The invention discloses a kind of liquid tank level control methods of fractional order state space Predictive function control.This method of the present invention is defined using Gr ü nwald Letnikov fractional calculus fractional order state-space model being converted into discrete form first, it is then based on fractional order state-space model and obtains prediction output model, and fractional order integration is introduced into object function, the object function for being finally based on fractional order state-space model and choosing devises fractional order state space prediction function controller.The present invention can apply to the real process object of fractional model description well, improve the shortcoming of the PFC methods control new fractional-order system based on integer rank state-space model, the degree of freedom of adjusting control device parameter is increased simultaneously, good control performance is obtained, and the needs of destilling tower actual production process can be met well.

Description

The liquid tank level control method of fractional order state space Predictive function control
Technical field
The invention belongs to technical field of automation, are related to a kind of distillation based on fractional order state space Predictive function control Liquid tank level control method in the process.
Background technology
Distillation process is the important process process of many Chemical Manufactures, requires to exist due to energy consumption and to production Diversity and complexity, destilling tower process model building and operation optimization and control seems of crucial importance.And with Product Precision and The requirements such as safety operation increasingly improve, and the modeling process of controlled device increasingly complicates during destilling tower, this is multiple for destilling tower Miscellaneous production process can not be described accurately with integer model, can more accurately description object feature with fractional model With assessment properties of product.

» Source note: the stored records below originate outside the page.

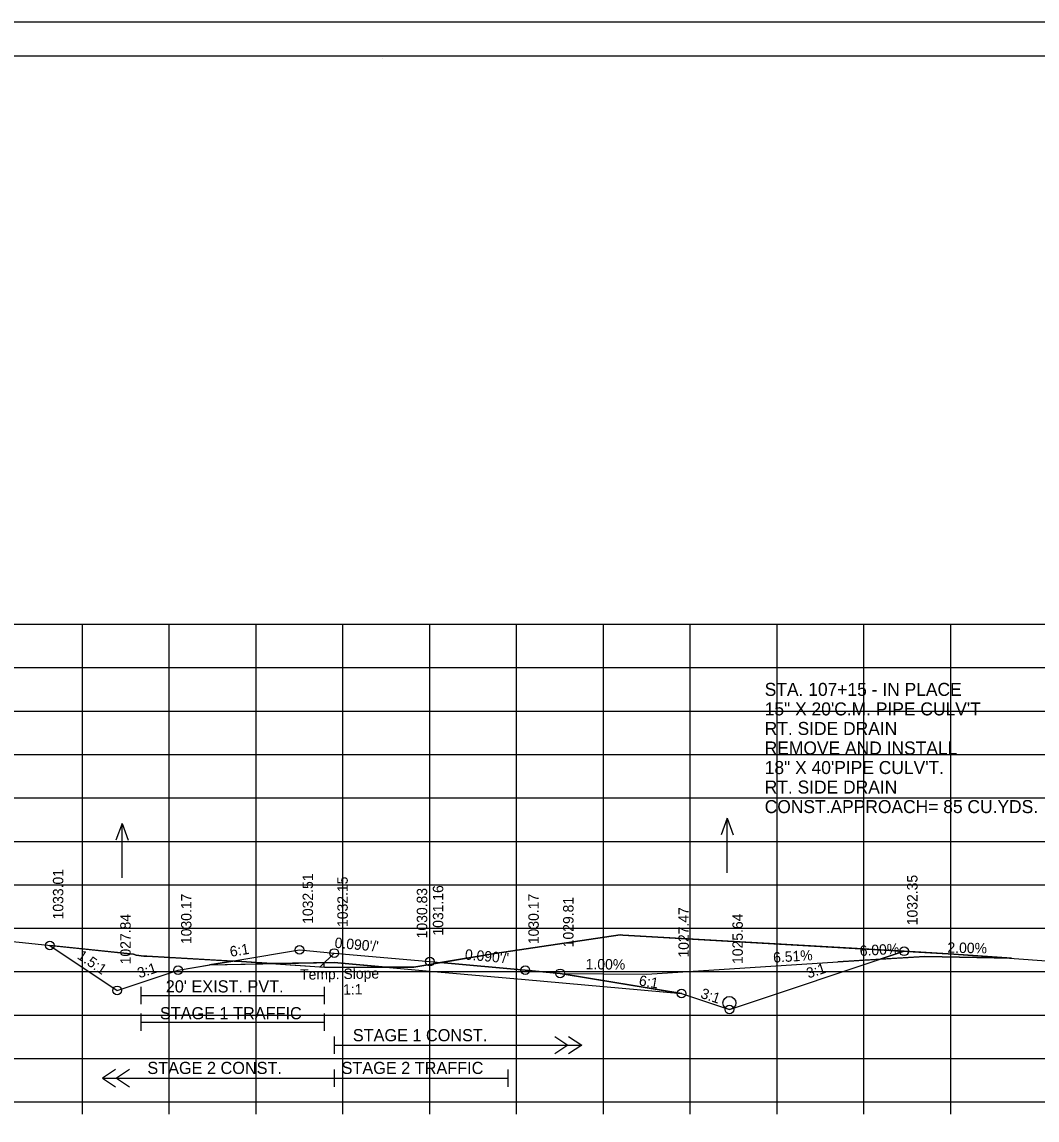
# Model space of a CAD drawing. Extents: x 1370565 to 1374448, y 301010 to 304637.
# Drawn here: x 1370688.1 to 1370805, y 301950.7 to 302077.2 of the extents above; entities that cross this region are included whole.
import ezdxf

# ---------------------------------------------------------------- set-up
doc = ezdxf.new("R2010")
doc.units = 0
for name, color, linetype in [('R_Alt Surface', 7, 'Continuous'), ('R_Axis', 7, 'Continuous'), ('R_Axis Annot', 7, 'Continuous'), ('R_Border', 7, 'Continuous'), ('R_Contours', 7, 'Continuous'), ('R_Drive', 7, 'Continuous'), ('R_Exist Surface', 7, 'Continuous'), ('R_Fin Surface', 7, 'Continuous'), ('R_Grid', 7, 'Continuous'), ('R_No Plot', 7, 'Continuous'), ('R_Water', 7, 'Continuous'), ('R_Water Annot', 7, 'Continuous'), ('R_Xsect Elev', 7, 'Continuous'), ('R_Xsect Slope', 7, 'Continuous')]:
    doc.layers.add(name, color=color, linetype=linetype)

msp = doc.modelspace()

# ---------------------------------------------------------------- linework, layer by layer
at = {"layer": 'R_Alt Surface'}
for points in [[(1370709.64, 301968.6), (1370724.03, 301968.89), (1370735.03, 301967.9), (1370746.03, 301966.91), (1370764.07, 301965.29)], [(1370724.03, 301960.35), (1370724.03, 301958.35)], [(1370749.42, 301960.35), (1370750.92, 301959.35), (1370749.42, 301958.35)], [(1370751.02, 301960.35), (1370752.52, 301959.35), (1370751.02, 301958.35)], [(1370724.03, 301959.35), (1370752.52, 301959.35)], [(1370698.84, 301956.56), (1370697.34, 301955.56), (1370698.84, 301954.56)], [(1370700.44, 301956.56), (1370698.94, 301955.56), (1370700.44, 301954.56)], [(1370724.03, 301956.56), (1370724.03, 301954.56)], [(1370744.03, 301956.56), (1370744.03, 301954.56)], [(1370697.34, 301955.56), (1370724.03, 301955.56)], [(1370724.03, 301955.56), (1370744.03, 301955.56)]]:
    msp.add_lwpolyline(points, dxfattribs=at)
at = {"layer": 'R_Axis'}
for p, q in [((1370585.03, 301952.83), (1370885.03, 301952.83)), ((1370695.03, 301951.43), (1370695.03, 301952.83)), ((1370705.03, 301951.43), (1370705.03, 301952.83)), ((1370715.03, 301951.43), (1370715.03, 301952.83)), ((1370725.03, 301951.43), (1370725.03, 301952.83)), ((1370735.03, 301951.43), (1370735.03, 301952.83)), ((1370745.03, 301951.43), (1370745.03, 301952.83)), ((1370755.03, 301951.43), (1370755.03, 301952.83)), ((1370765.03, 301951.43), (1370765.03, 301952.83)), ((1370775.03, 301951.43), (1370775.03, 301952.83)), ((1370785.03, 301951.43), (1370785.03, 301952.83)), ((1370795.03, 301951.43), (1370795.03, 301952.83))]:
    msp.add_line(p, q, dxfattribs=at)
for points in [[(1370701.75, 301966.09), (1370701.75, 301964.09)], [(1370722.88, 301966.09), (1370722.88, 301964.09)], [(1370701.75, 301965.09), (1370722.88, 301965.09)], [(1370701.75, 301963), (1370701.75, 301961)], [(1370722.88, 301963), (1370722.88, 301961)], [(1370701.75, 301962), (1370722.88, 301962)]]:
    msp.add_lwpolyline(points, dxfattribs=at)
at = {"layer": 'R_Border'}
for p, q in [((1370577.03, 302073.29), (1370893.21, 302073.29)), ((1370729.55, 302073.03), (1370729.55, 302073.03)), ((1370729.55, 302073.03), (1370729.55, 302073.03))]:
    msp.add_line(p, q, dxfattribs=at)
at = {"layer": 'R_Contours'}
for p, q in [((1370712.35, 301969.05), (1370709.64, 301968.6)), ((1370782.03, 301968.97), (1370786.91, 301969.26)), ((1370786.91, 301969.26), (1370789.65, 301970.17)), ((1370789.65, 301970.17), (1370786.91, 301969.26)), ((1370786.91, 301969.26), (1370792.03, 301969.57)), ((1370792.03, 301969.57), (1370802.03, 301969.37)), ((1370709.64, 301968.6), (1370716.85, 301968.75)), ((1370724.03, 301968.89), (1370716.85, 301968.75)), ((1370722.88, 301968.33), (1370722.88, 301968.87)), ((1370729.98, 301968.35), (1370724.03, 301968.89)), ((1370729.98, 301968.35), (1370735.03, 301967.9)), ((1370760.03, 301967.53), (1370782.03, 301968.97)), ((1370750.03, 301967.63), (1370760.03, 301967.53))]:
    msp.add_line(p, q, dxfattribs=at)
for points in [[(1370789.65, 301970.17), (1370757.27, 301972.03), (1370756.96, 301972.05), (1370742.53, 301969.9), (1370736.28, 301968.87)], [(1370712.35, 301969.05), (1370705.1, 301969.46), (1370702.45, 301969.6), (1370702.09, 301969.62), (1370701.22, 301969.74), (1370700.92, 301969.83), (1370691.27, 301970.84)], [(1370691.27, 301970.84), (1370699.03, 301965.67), (1370706.03, 301968), (1370709.64, 301968.6), (1370712.35, 301969.05)], [(1370716.85, 301968.75), (1370713.36, 301968.98), (1370712.48, 301969.05), (1370712.35, 301969.05)], [(1370802.03, 301969.37), (1370795.38, 301969.85), (1370789.65, 301970.17)], [(1370716.85, 301968.75), (1370722.9, 301968.34), (1370723.09, 301968.34), (1370723.81, 301968.35), (1370729.98, 301968.35)], [(1370736.28, 301968.87), (1370735.03, 301968.66), (1370733.18, 301968.36), (1370729.98, 301968.35)], [(1370735.03, 301967.9), (1370746.03, 301966.91), (1370764.07, 301965.29)], [(1370736.28, 301968.87), (1370746.03, 301967.99), (1370750.03, 301967.63)], [(1370764.07, 301965.29), (1370750.03, 301967.63), (1370746.03, 301967.99), (1370736.28, 301968.87)]]:
    msp.add_lwpolyline(points, dxfattribs=at)
at = {"layer": 'R_Drive'}
for p, q in [((1370792.03, 301969.57), (1370782.03, 301968.97)), ((1370802.03, 301969.37), (1370792.03, 301969.57)), ((1370760.03, 301967.53), (1370782.03, 301968.97)), ((1370750.03, 301967.63), (1370760.03, 301967.53))]:
    msp.add_line(p, q, dxfattribs=at)
at = {"layer": 'R_Exist Surface'}
msp.add_lwpolyline([(1370680.76, 301971.94), (1370700.92, 301969.83), (1370701.22, 301969.74), (1370702.09, 301969.62), (1370702.45, 301969.6), (1370705.1, 301969.46), (1370712.48, 301969.05), (1370713.36, 301968.98), (1370722.9, 301968.34), (1370723.09, 301968.34), (1370723.81, 301968.35), (1370733.18, 301968.36), (1370742.53, 301969.9), (1370756.96, 301972.05), (1370757.27, 301972.03), (1370795.38, 301969.85), (1370842.37, 301966.45)], dxfattribs=at)
at = {"layer": 'R_Fin Surface'}
msp.add_line((1370724.03, 301969.97), (1370722.42, 301968.37), dxfattribs=at)
msp.add_lwpolyline([(1370691.27, 301970.84), (1370699.03, 301965.67), (1370706.03, 301968), (1370720.03, 301970.33), (1370724.03, 301969.97), (1370735.03, 301968.98), (1370746.03, 301967.99), (1370750.03, 301967.63), (1370764.03, 301965.3), (1370769.53, 301963.47), (1370789.65, 301970.17)], dxfattribs=at)
at = {"layer": 'R_Grid'}
for p, q in [((1370585.03, 302007.83), (1370885.03, 302007.83)), ((1370695.03, 301952.83), (1370695.03, 302007.83)), ((1370705.03, 301952.83), (1370705.03, 302007.83)), ((1370715.03, 301952.83), (1370715.03, 302007.83)), ((1370725.03, 301952.83), (1370725.03, 302007.83)), ((1370735.03, 301952.83), (1370735.03, 302007.83)), ((1370745.03, 301952.83), (1370745.03, 302007.83)), ((1370755.03, 301952.83), (1370755.03, 302007.83)), ((1370765.03, 301952.83), (1370765.03, 302007.83)), ((1370775.03, 301952.83), (1370775.03, 302007.83)), ((1370785.03, 301952.83), (1370785.03, 302007.83)), ((1370795.03, 301952.83), (1370795.03, 302007.83)), ((1370585.03, 302002.83), (1370885.03, 302002.83)), ((1370585.03, 301997.83), (1370885.03, 301997.83)), ((1370585.03, 301992.83), (1370885.03, 301992.83)), ((1370585.03, 301987.83), (1370885.03, 301987.83)), ((1370585.03, 301982.83), (1370885.03, 301982.83)), ((1370585.03, 301977.83), (1370885.03, 301977.83)), ((1370585.03, 301972.83), (1370885.03, 301972.83)), ((1370585.03, 301967.83), (1370885.03, 301967.83)), ((1370585.03, 301962.83), (1370885.03, 301962.83)), ((1370585.03, 301957.83), (1370885.03, 301957.83)), ((1370585.03, 301952.83), (1370885.03, 301952.83))]:
    msp.add_line(p, q, dxfattribs=at)
at = {"layer": 'R_No Plot'}
msp.add_line((1370564.63, 302077.18), (1370897.96, 302077.18), dxfattribs=at)
for points in [[(1370564.62, 302077.18), (1370897.96, 302077.18), (1370897.96, 301863.84), (1370564.62, 301863.84)], [(1370810.95, 302073.29), (1370830.57, 302073.29), (1370830.57, 302063.41), (1370846.68, 302063.41), (1370869.88, 302063.41), (1370869.88, 302030.74), (1370893.09, 302030.74), (1370893.21, 301867.83), (1370577.03, 301867.83), (1370577.03, 302073.29)]]:
    msp.add_lwpolyline(points, close=True, dxfattribs=at)
for centre in [(1370691.27, 301970.84), (1370720.03, 301970.33), (1370724.03, 301969.97), (1370789.65, 301970.17), (1370735.03, 301968.98), (1370706.03, 301968), (1370746.03, 301967.99), (1370750.03, 301967.63), (1370699.03, 301965.67), (1370764.03, 301965.3), (1370769.53, 301963.47)]:
    msp.add_circle(centre, 0.5, dxfattribs=at)
at = {"layer": 'R_Water'}
msp.add_circle((1370769.53, 301964.22), 0.75, dxfattribs=at)
at = {"layer": 'R_Water Annot'}
for p, q in [((1370769.27, 301985.5), (1370768.57, 301983.58)), ((1370769.27, 301979.22), (1370769.27, 301985.5)), ((1370769.27, 301985.5), (1370769.97, 301983.58)), ((1370699.58, 301984.89), (1370698.88, 301982.97)), ((1370699.58, 301978.61), (1370699.58, 301984.89)), ((1370699.58, 301984.89), (1370700.28, 301982.97))]:
    msp.add_line(p, q, dxfattribs=at)
at = {"layer": 'R_Xsect Elev'}
msp.add_line((1370735.03, 301968.66), (1370735.03, 301978.66), dxfattribs=at)

# ---------------------------------------------------------------- texts
at = {"layer": 'R_Axis Annot'}
msp.add_text("20' EXIST. PVT.", height=1.4, dxfattribs=at).set_placement((1370704.62, 301965.43))
at = {"layer": 'R_Water'}
for s, p in [('STAGE 1 TRAFFIC', (1370703.95, 301962.34)), ('STAGE 1 CONST.', (1370726.16, 301959.81)), ('STAGE 2 CONST.', (1370702.5, 301956.04)), ('STAGE 2 TRAFFIC', (1370724.87, 301956.04))]:
    msp.add_text(s, height=1.4, dxfattribs=at).set_placement(p)
at = {"layer": 'R_Water Annot'}
for s, p in [('STA. 107+15 - IN PLACE', (1370773.6, 301999.58)), ('15" X 20\'C.M. PIPE CULV\'T', (1370773.6, 301997.33)), ('RT. SIDE DRAIN', (1370773.6, 301995.08)), ('REMOVE AND INSTALL', (1370773.6, 301992.83)), ('18" X 40\'PIPE CULV\'T.', (1370773.6, 301990.58)), ('RT. SIDE DRAIN', (1370773.6, 301988.33)), ('CONST.APPROACH= 85 CU.YDS.', (1370773.6, 301986.08))]:
    msp.add_text(s, height=1.5, dxfattribs=at).set_placement(p)
at = {"layer": 'R_Xsect Elev'}
for s, rotation, p in [('1033.01', 90, (1370692.82, 301973.84)), ('1032.51', 90, (1370721.58, 301973.33)), ('1032.15', 90, (1370725.58, 301972.97)), ('1032.35', 90, (1370791.2, 301973.17)), ('1030.17', 90, (1370707.58, 301971)), ('1030.83', 90, (1370734.73, 301971.66)), ('1031.16', 90, (1370736.58, 301971.98)), ('1030.17', 90, (1370747.58, 301970.99)), ('1029.81', 90, (1370751.58, 301970.63)), ('1027.84', 90, (1370700.58, 301968.67)), ('1027.47', 90, (1370764.86, 301969.45)), ('1025.64', 90, (1370771.08, 301968.71)), ('6.51%', 3.7256, (1370774.61, 301968.85)), ('6.00%', 3.4336, (1370784.58, 301969.62)), ('2.00%', 358.8542, (1370794.64, 301970.01)), ('1.00%', 359.4271, (1370752.98, 301968.1))]:
    msp.add_text(s, height=1.2, rotation=rotation, dxfattribs=at).set_placement(p)
at = {"layer": 'R_Xsect Slope'}
for s, rotation, p in [("0.090'/'", 354.8572, (1370724.03, 301970.58)), ('6:1', 9.4623, (1370712.1, 301969.52)), ("0.090'/'", 354.8572, (1370739.03, 301969.23)), ('1.5:1', 326.3086, (1370694.33, 301969.4)), ('3:1', 18.4349, (1370701.58, 301967.05)), ('Temp. Slope ', 0.936, (1370720.1, 301966.89)), ('3:1', 18.4332, (1370778.64, 301967.03)), ('6:1', 350.5377, (1370759.05, 301966.25)), ('1:1', 0.936, (1370725.05, 301965.17)), ('3:1', 341.5651, (1370766.13, 301964.83))]:
    msp.add_text(s, height=1.2, rotation=rotation, dxfattribs=at).set_placement(p)

doc.saveas('drawing.dxf')

In the actual production process, PID control is widely used Industrial Process Control Methods, but traditional PI D Control method and integer model PREDICTIVE CONTROL (MPC) method are not very well, no to the control effect of new fractional-order system model Control accuracy and product demand higher and higher in destilling tower actual production process can be met, this just needs research to have good control The controller of performance processed controls the practical controlled device described with fractional model.Traditional state-space model PREDICTIVE CONTROL Integer model is all based on, and for fractional order state-space model, if by integer scalariform state space Model Predictive Control Method is expanded in fractional order state-space model forecast Control Algorithm, that will effectively make up integer model PREDICTIVE CONTROL side Deficiency of the method in new fractional-order system is controlled, and better control effect can be obtained, while can also promote MPC in new fractional-order system In utilization.Predictive function control (PFC) is a kind of control method relatively simple in model predictive control method, has and calculates The advantages that amount is less, control effect is good, if it is possible to pfc controller is designed based on more accurate fractional model, it will be apparent Improve the performance of control system.
Invention content
The purpose of the present invention is being directed to liquid tank level object in the distillation process of fractional order state-space model description, carry For liquid tank level control method in a kind of distillation process based on fractional order state space Predictive function control, to maintain score The balance of the liquid tank level of rank state-space model description, ensures good control performance.This method uses Gr ü first Fractional order state-space model is converted into discrete form by the definition of nwald-Letnikov fractional calculus, is then based on score Rank state-space model obtains prediction output model, and fractional order integration is introduced object function, is finally based on fractional order state Spatial model and the object function chosen devise fractional order state space prediction function controller.
This method can apply to the real process object of fractional model description well, improve based on integer scalariform The shortcoming of the PFC methods control new fractional-order system of state space model, while the degree of freedom of adjusting control device parameter is increased, Good control performance is obtained, and the needs of destilling tower actual production process can be met well.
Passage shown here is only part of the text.